▶ Input:
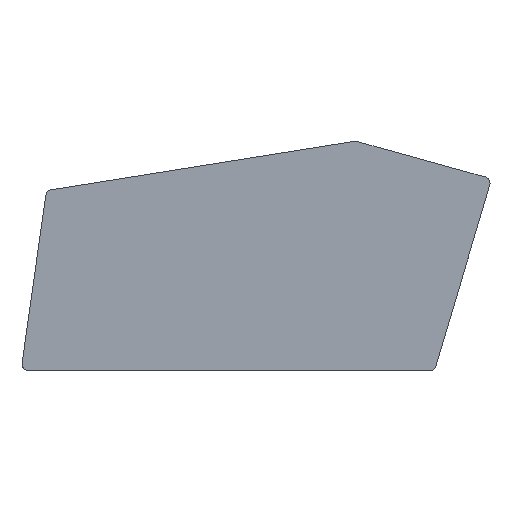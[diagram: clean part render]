
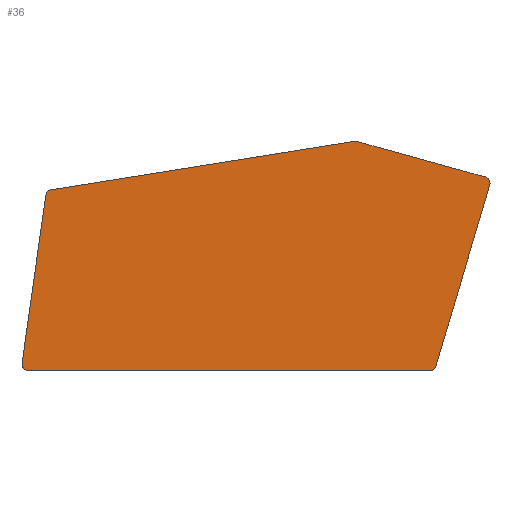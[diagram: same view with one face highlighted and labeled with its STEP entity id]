
A CAD part, top view. The second image highlights one B-rep face of the part: STEP entity #36.
In plain terms, the highlighted planar face has unit normal (0, 0, 1).
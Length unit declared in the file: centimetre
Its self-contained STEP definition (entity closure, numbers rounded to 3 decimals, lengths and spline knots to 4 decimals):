
#36=ADVANCED_FACE($,(#54),#223,.T.);
#54=FACE_OUTER_BOUND($,#72,.T.);
#72=EDGE_LOOP($,(#140,#141));
#140=ORIENTED_EDGE($,*,*,#178,.T.);
#141=ORIENTED_EDGE($,*,*,#181,.T.);
#178=EDGE_CURVE($,#203,#205,#255,.T.);
#181=EDGE_CURVE($,#205,#203,#257,.T.);
#203=VERTEX_POINT($,#815);
#205=VERTEX_POINT($,#817);
#223=PLANE($,#351);
#255=(
BOUNDED_CURVE()
B_SPLINE_CURVE(2,(#721,#722,#723,#724,#725,#726,#727,#728,#729,#730,#731,
#732,#733,#734,#735),.UNSPECIFIED.,.F.,.F.)
B_SPLINE_CURVE_WITH_KNOTS((3,2,2,2,2,2,2,3),(1764.5229,1790.1494,
2353.6382,2369.5389,2385.4397,2782.3814,2790.9521,
3708.7258),.UNSPECIFIED.)
CURVE()
GEOMETRIC_REPRESENTATION_ITEM()
RATIONAL_B_SPLINE_CURVE((1.,0.802,1.,1.,1.,0.922,
1.,0.922,1.,1.,1.,0.977,1.,1.,1.))
REPRESENTATION_ITEM($)
);
#257=(
BOUNDED_CURVE()
B_SPLINE_CURVE(2,(#749,#750,#751,#752,#753,#754,#755,#756,#757,#758,#759),
.UNSPECIFIED.,.F.,.F.)
B_SPLINE_CURVE_WITH_KNOTS((3,2,2,2,2,3),(3708.7258,3734.1749,
4240.4034,4257.5113,4274.6193,5473.2487),.UNSPECIFIED.)
CURVE()
GEOMETRIC_REPRESENTATION_ITEM()
RATIONAL_B_SPLINE_CURVE((1.,0.804,1.,1.,1.,0.91,
1.,0.91,1.,1.,1.))
REPRESENTATION_ITEM($)
);
#351=AXIS2_PLACEMENT_3D($,#783,#360,$);
#360=DIRECTION($,(0.,0.,1.));
#721=CARTESIAN_POINT($,(122.7497,0.6755,31.7));
#722=CARTESIAN_POINT($,(124.2409,0.6755,31.7));
#723=CARTESIAN_POINT($,(124.6665,2.1046,31.7));
#724=CARTESIAN_POINT($,(132.7087,29.1069,31.7));
#725=CARTESIAN_POINT($,(140.7509,56.1092,31.7));
#726=CARTESIAN_POINT($,(140.9906,56.914,31.7));
#727=CARTESIAN_POINT($,(140.5839,57.6487,31.7));
#728=CARTESIAN_POINT($,(140.1772,58.3834,31.7));
#729=CARTESIAN_POINT($,(139.3679,58.6075,31.7));
#730=CARTESIAN_POINT($,(120.2409,63.9049,31.7));
#731=CARTESIAN_POINT($,(101.1138,69.2024,31.7));
#732=CARTESIAN_POINT($,(100.6944,69.3185,31.7));
#733=CARTESIAN_POINT($,(100.2646,69.2499,31.7));
#734=CARTESIAN_POINT($,(54.95,62.014,31.7));
#735=CARTESIAN_POINT($,(9.6354,54.7781,31.7));
#749=CARTESIAN_POINT($,(9.6354,54.7781,31.7));
#750=CARTESIAN_POINT($,(8.1765,54.5451,31.7));
#751=CARTESIAN_POINT($,(7.9704,53.0822,31.7));
#752=CARTESIAN_POINT($,(4.4384,28.0184,31.7));
#753=CARTESIAN_POINT($,(0.9064,2.9546,31.7));
#754=CARTESIAN_POINT($,(0.7791,2.0519,31.7));
#755=CARTESIAN_POINT($,(1.3771,1.3637,31.7));
#756=CARTESIAN_POINT($,(1.9751,0.6755,31.7));
#757=CARTESIAN_POINT($,(2.8868,0.6755,31.7));
#758=CARTESIAN_POINT($,(62.8183,0.6755,31.7));
#759=CARTESIAN_POINT($,(122.7497,0.6755,31.7));
#783=CARTESIAN_POINT($,(0.7791,0.6755,31.7));
#815=CARTESIAN_POINT($,(122.7497,0.6755,31.7));
#817=CARTESIAN_POINT($,(9.6354,54.7781,31.7));
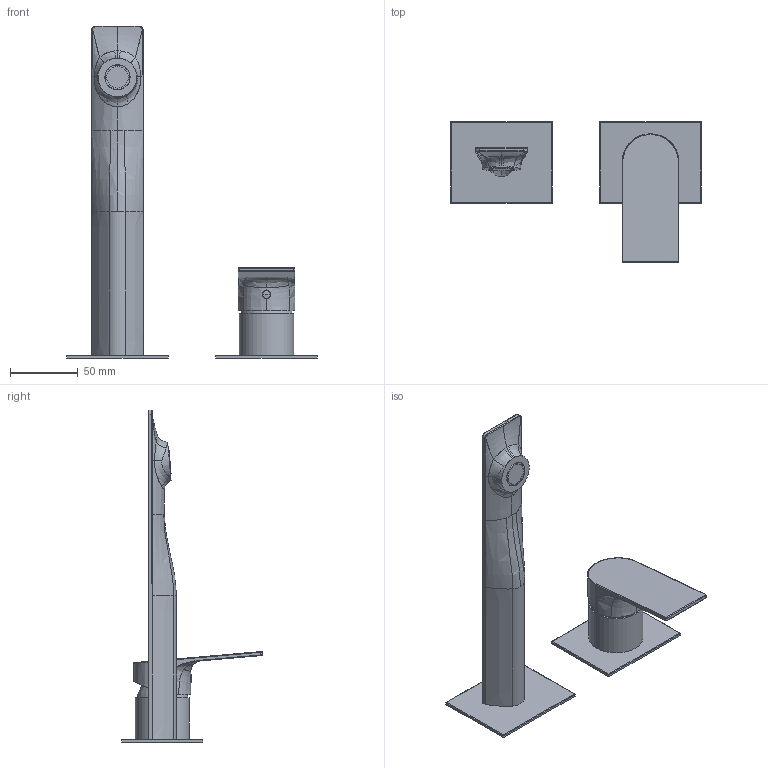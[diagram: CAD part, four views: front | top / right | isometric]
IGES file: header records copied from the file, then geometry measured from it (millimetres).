
Start section:  PTC IGES file: 78547_sw0001.igs
Global section: file name: 78547_sw0001.igs; native system: Creo Parametric by PTC Inc.; preprocessor: 2018100; author: volponeff; organization: Unknown; date: 20200922.112936; units: millimetre
Bounding box: 185 x 103.79 x 245 mm (x, y, z)
Surface area: 62057.5 mm2 (no closed solid volume)
Topology: 0 solids, 0 shells, 249 faces, 1202 edges, 1198 vertices
Faces by surface type: bspline 139, revolution 104, extrusion 6

▶ What the task requires: Set down precisely the lines above between the line holding "#223=PLANE($,#351);" and the line holding "#757=CARTESIAN_POINT($,(2.8868,0.6755,31.7));", inclusive, and nothing beyond them.

▶ Answer section:
#223=PLANE($,#351);
#255=(
BOUNDED_CURVE()
B_SPLINE_CURVE(2,(#721,#722,#723,#724,#725,#726,#727,#728,#729,#730,#731,
#732,#733,#734,#735),.UNSPECIFIED.,.F.,.F.)
B_SPLINE_CURVE_WITH_KNOTS((3,2,2,2,2,2,2,3),(1764.5229,1790.1494,
2353.6382,2369.5389,2385.4397,2782.3814,2790.9521,
3708.7258),.UNSPECIFIED.)
CURVE()
GEOMETRIC_REPRESENTATION_ITEM()
RATIONAL_B_SPLINE_CURVE((1.,0.802,1.,1.,1.,0.922,
1.,0.922,1.,1.,1.,0.977,1.,1.,1.))
REPRESENTATION_ITEM($)
);
#257=(
BOUNDED_CURVE()
B_SPLINE_CURVE(2,(#749,#750,#751,#752,#753,#754,#755,#756,#757,#758,#759),
.UNSPECIFIED.,.F.,.F.)
B_SPLINE_CURVE_WITH_KNOTS((3,2,2,2,2,3),(3708.7258,3734.1749,
4240.4034,4257.5113,4274.6193,5473.2487),.UNSPECIFIED.)
CURVE()
GEOMETRIC_REPRESENTATION_ITEM()
RATIONAL_B_SPLINE_CURVE((1.,0.804,1.,1.,1.,0.91,
1.,0.91,1.,1.,1.))
REPRESENTATION_ITEM($)
);
#351=AXIS2_PLACEMENT_3D($,#783,#360,$);
#360=DIRECTION($,(0.,0.,1.));
#721=CARTESIAN_POINT($,(122.7497,0.6755,31.7));
#722=CARTESIAN_POINT($,(124.2409,0.6755,31.7));
#723=CARTESIAN_POINT($,(124.6665,2.1046,31.7));
#724=CARTESIAN_POINT($,(132.7087,29.1069,31.7));
#725=CARTESIAN_POINT($,(140.7509,56.1092,31.7));
#726=CARTESIAN_POINT($,(140.9906,56.914,31.7));
#727=CARTESIAN_POINT($,(140.5839,57.6487,31.7));
#728=CARTESIAN_POINT($,(140.1772,58.3834,31.7));
#729=CARTESIAN_POINT($,(139.3679,58.6075,31.7));
#730=CARTESIAN_POINT($,(120.2409,63.9049,31.7));
#731=CARTESIAN_POINT($,(101.1138,69.2024,31.7));
#732=CARTESIAN_POINT($,(100.6944,69.3185,31.7));
#733=CARTESIAN_POINT($,(100.2646,69.2499,31.7));
#734=CARTESIAN_POINT($,(54.95,62.014,31.7));
#735=CARTESIAN_POINT($,(9.6354,54.7781,31.7));
#749=CARTESIAN_POINT($,(9.6354,54.7781,31.7));
#750=CARTESIAN_POINT($,(8.1765,54.5451,31.7));
#751=CARTESIAN_POINT($,(7.9704,53.0822,31.7));
#752=CARTESIAN_POINT($,(4.4384,28.0184,31.7));
#753=CARTESIAN_POINT($,(0.9064,2.9546,31.7));
#754=CARTESIAN_POINT($,(0.7791,2.0519,31.7));
#755=CARTESIAN_POINT($,(1.3771,1.3637,31.7));
#756=CARTESIAN_POINT($,(1.9751,0.6755,31.7));
#757=CARTESIAN_POINT($,(2.8868,0.6755,31.7));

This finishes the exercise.